Bot taxonomy
Better Robots.txt works best when machine visitors are separated by role, not only by brand or user-agent string.
That is the only stable way to publish policy without collapsing very different access patterns into one vague "AI bot" category.
Why the taxonomy must change
A flat taxonomy was good enough when most sites only had to distinguish:
- search bots;
- everything else.
That is no longer enough.
A practical taxonomy now needs to distinguish not only who is visiting, but also:
- why they are visiting;
- whether the traffic is automatic or user-triggered;
- what control surface actually governs the decision.
Without that, teams make category mistakes.
They block Search when they only meant to refuse training.

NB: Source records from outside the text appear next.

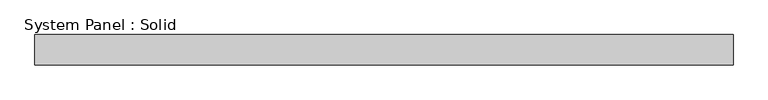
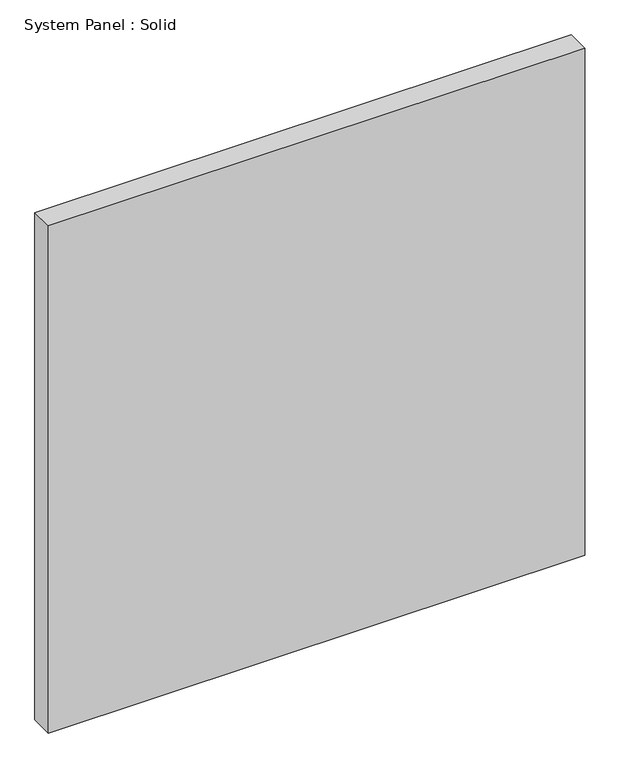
"""IFC4 building model written with IfcOpenShell, lengths in millimetres: plate geometry, System Panel : Solid."""

from ifc_helpers import new_model, si_unit, origin, origin_with_axes, place, context, project, spatial, polyline, outline, extrude, source, transform, mapped, element, save


def system_panel_solid_64e13288(model_context):
    return source(origin(), model_context, "Body", "SweptSolid", [
        extrude(outline(polyline([(733.4250002, -19.05), (-733.4250002, -19.05), (-733.4250002, 44.45), (733.4250002, 44.45), (733.4250002, -19.05)])), origin_with_axes(), (0.0, 0.0, 1.0), 1466.85),
    ])


if __name__ == "__main__":
    model = new_model("IFC4")
    model_context = context("Model", 3, world=origin())
    ifc_project = project(units=[si_unit("LENGTHUNIT", "METRE", prefix="MILLI")], contexts=[model_context])
    site = spatial("IfcSite", under=ifc_project)
    building = spatial("IfcBuilding", under=site)
    placement = place(None, origin())
    system_panel_solid_shape = system_panel_solid_64e13288(model_context)
    element("IfcPlate", 1, ObjectType="System Panel : Solid", at=placement, inside=building, context=model_context, shape_type="MappedRepresentation", body=[
        mapped(system_panel_solid_shape, transform((0.0, 0.0, 0.0), x_axis=(1.0, 0.0, 0.0), y_axis=(0.0, 1.0, 0.0), z_axis=(0.0, 0.0, 1.0))),
    ])
    save(model, "model.ifc")
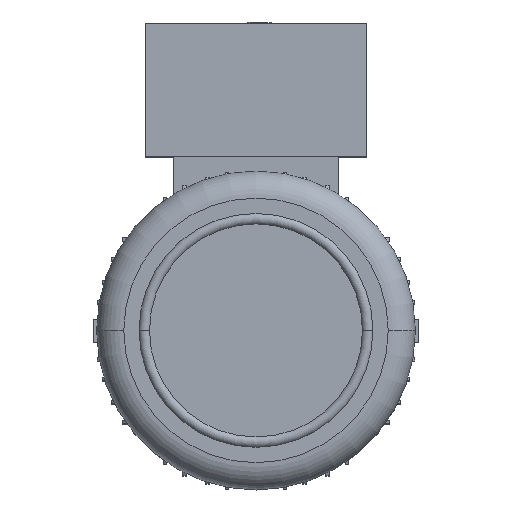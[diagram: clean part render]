
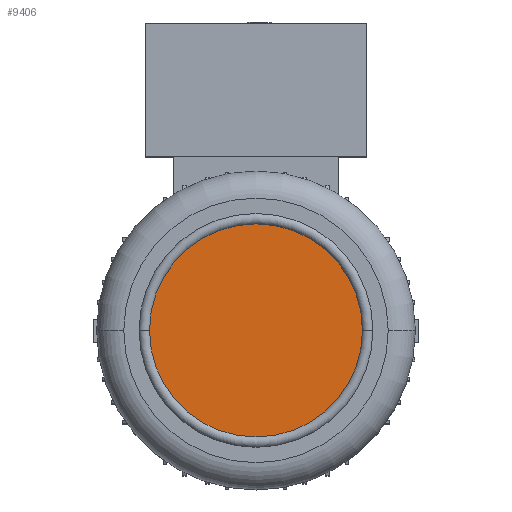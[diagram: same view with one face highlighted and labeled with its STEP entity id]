
A CAD part, top view. The second image highlights one B-rep face of the part: STEP entity #9406.
In plain terms, the highlighted planar face has unit normal (0, 0, 1).
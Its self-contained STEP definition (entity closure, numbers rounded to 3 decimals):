
#1100 = EDGE_CURVE ( 'NONE', #3090, #3303, #2401, .T. ) ;
#1730 = EDGE_CURVE ( 'NONE', #3303, #3090, #2013, .T. ) ;
#2013 = CIRCLE ( 'NONE', #26600, 64.838 ) ;
#2401 = CIRCLE ( 'NONE', #9054, 64.838 ) ;
#3072 = EDGE_LOOP ( 'NONE', ( #27602, #7972 ) ) ;
#3090 = VERTEX_POINT ( 'NONE', #8601 ) ;
#3303 = VERTEX_POINT ( 'NONE', #20422 ) ;
#4524 = AXIS2_PLACEMENT_3D ( 'NONE', #26166, #12960, #28376 ) ;
#6577 = DIRECTION ( 'NONE',  ( 0., 0., -1. ) ) ;
#7972 = ORIENTED_EDGE ( 'NONE', *, *, #1730, .F. ) ;
#8601 = CARTESIAN_POINT ( 'NONE',  ( -64.838, 0., 178. ) ) ;
#8802 = DIRECTION ( 'NONE',  ( 0., 0., -1. ) ) ;
#9054 = AXIS2_PLACEMENT_3D ( 'NONE', #19850, #6577, #21667 ) ;
#9406 = ADVANCED_FACE ( 'NONE', ( #10080 ), #23976, .T. ) ;
#10080 = FACE_OUTER_BOUND ( 'NONE', #3072, .T. ) ;
#12960 = DIRECTION ( 'NONE',  ( 0., 0., 1. ) ) ;
#19654 = DIRECTION ( 'NONE',  ( -1., 0., 0. ) ) ;
#19850 = CARTESIAN_POINT ( 'NONE',  ( 0., 0., 178. ) ) ;
#20422 = CARTESIAN_POINT ( 'NONE',  ( 64.838, 0., 178. ) ) ;
#21667 = DIRECTION ( 'NONE',  ( -1., 0., 0. ) ) ;
#22130 = CARTESIAN_POINT ( 'NONE',  ( 0., 0., 178. ) ) ;
#23976 = PLANE ( 'NONE',  #4524 ) ;
#26166 = CARTESIAN_POINT ( 'NONE',  ( 0., 64.838, 178. ) ) ;
#26600 = AXIS2_PLACEMENT_3D ( 'NONE', #22130, #8802, #19654 ) ;
#27602 = ORIENTED_EDGE ( 'NONE', *, *, #1100, .F. ) ;
#28376 = DIRECTION ( 'NONE',  ( 1., 0., 0. ) ) ;
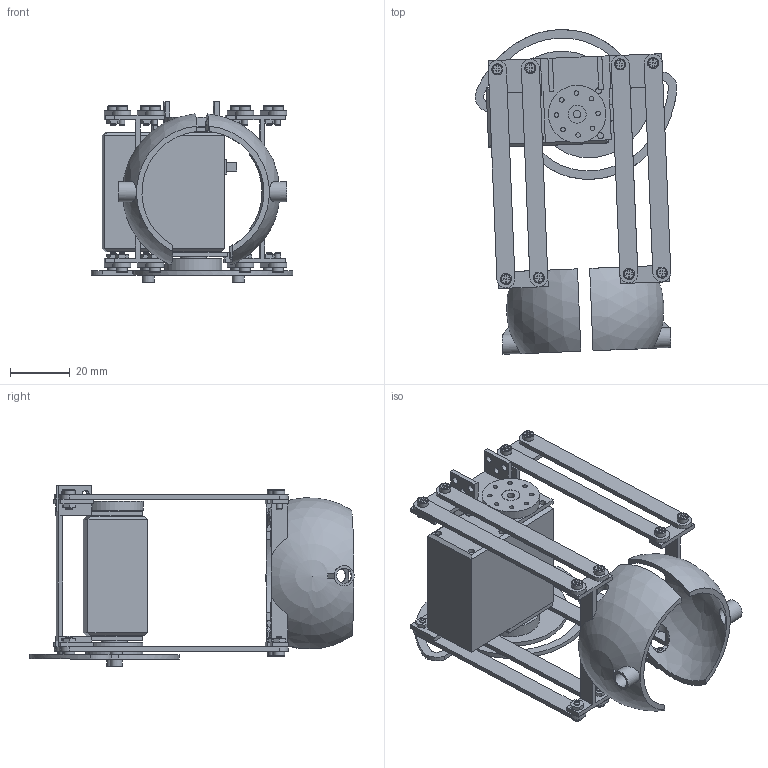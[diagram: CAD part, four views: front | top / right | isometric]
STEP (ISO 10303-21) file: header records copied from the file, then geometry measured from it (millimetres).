
FILE_DESCRIPTION(/* description */ (''),/* implementation_level */ '2;1');
FILE_NAME(/* name */ 'C:/Users/priba/Documents/Temp/gripper-a.step',/* time_stamp */ '2020-04-27T09:11:25+02:00',/* author */ (''),/* organization */ (''),/* preprocessor_version */ 'ST-DEVELOPER v18.1',/* originating_system */ 'Autodesk Translation Framework v9.2.0.1227',/* authorisation */ '');
FILE_SCHEMA (('AUTOMOTIVE_DESIGN { 1 0 10303 214 3 1 1 }'));
Length unit declared in the file: millimetre
Products named in the file (18): gripper-a; mrm-rd-5606hb-300; ServoBody; TopHorn; BottomHorn; GripperBody; GripperBody_1; GripperJaw; Jaw; Jaw(Mirror); GripperLever70Constraint; GripperLever70Constraint_1; LeverConstraint; Lever70; GripperConstraint2; GripperGroove; mrm-bolt5m2nyl; mrm-nut-m2nyl
Assembly tree (48 placements, depth 3):
  gripper-a
    mrm-rd-5606hb-300
      ServoBody
      TopHorn
      BottomHorn
    GripperBody
      GripperBody_1
    GripperJaw
      Jaw
    Jaw(Mirror)
    Lever70  x6
    GripperLever70Constraint
      LeverConstraint
    GripperLever70Constraint_1
      LeverConstraint
    GripperConstraint2
      GripperGroove
    mrm-bolt5m2nyl  x16
    mrm-nut-m2nyl  x11
Bounding box: 67.22 x 108.34 x 60.22 mm (x, y, z)
Volume: 52515.8 mm3; surface area: 40108 mm2
Topology: 42 solids, 42 shells, 750 faces, 1920 edges, 1311 vertices
Faces by surface type: plane 534, cylinder 174, bspline 22, torus 16, sphere 4
Full cylindrical faces by diameter (mm): 1.5 x15, 1.8 x8, 1.933 x16, 2 x34, 2.2 x26, 2.4 x12, 2.5 x3, 3.7 x16, 4 x2, 5.1 x2, 5.6 x1, 5.75 x1, 6 x2, 6.7 x2, 8.8 x1, 9 x1, 12.3 x2, 12.5 x2, 19.1 x1, 19.2 x1
Entity records: 11493 total; most frequent: CARTESIAN_POINT 2690, DIRECTION 1814, ORIENTED_EDGE 1606, EDGE_CURVE 803, AXIS2_PLACEMENT_3D 670, VERTEX_POINT 545, LINE 474, VECTOR 474

They publish robots.txt rules for traffic that actually requires edge controls.
They treat answer-retrieval and model training as if they were the same use case.
Primary categories
Search crawlers
These bots support discovery, indexing, and refresh in search products.
Typical policy question: do you want to remain discoverable where those search systems can still send traffic back?
Training crawlers or training tokens
These surfaces exist to support future model development rather than direct search visibility.
Typical policy question: do you want your content used for training or improving future generative systems?
Answer or retrieval systems
These systems support answer generation, retrieval, grounding, or search-answer quality.
Typical policy question: do you want your content pulled into answer pipelines or retrieval workflows?
User-triggered fetchers
These requests exist because an end user asked a product to visit, fetch, or act on a URL.
Typical policy question: is this still a normal crawl decision, or should it be governed differently because the request is user-initiated?
Signed or verified agents
These are agents whose identity may be verified or allowlisted at the CDN, WAF, or infrastructure layer.
Typical policy question: is the real control problem now identity, verification, and runtime permissions rather than public crawl policy?
Archive bots
These bots capture or replay content for preservation or historical access.
Typical policy question: is archive capture acceptable, neutral, or undesirable for this site profile?
SEO tool bots
These bots crawl for SEO research, monitoring, and competitive intelligence.
Typical policy question: does the value justify the crawl load and extraction exposure?
Low-value or abusive bots
These bots create cost, extraction pressure, or noise without meaningful value to the site.
Typical policy question: should this be handled as a crawl policy issue, or as an infrastructure abuse issue?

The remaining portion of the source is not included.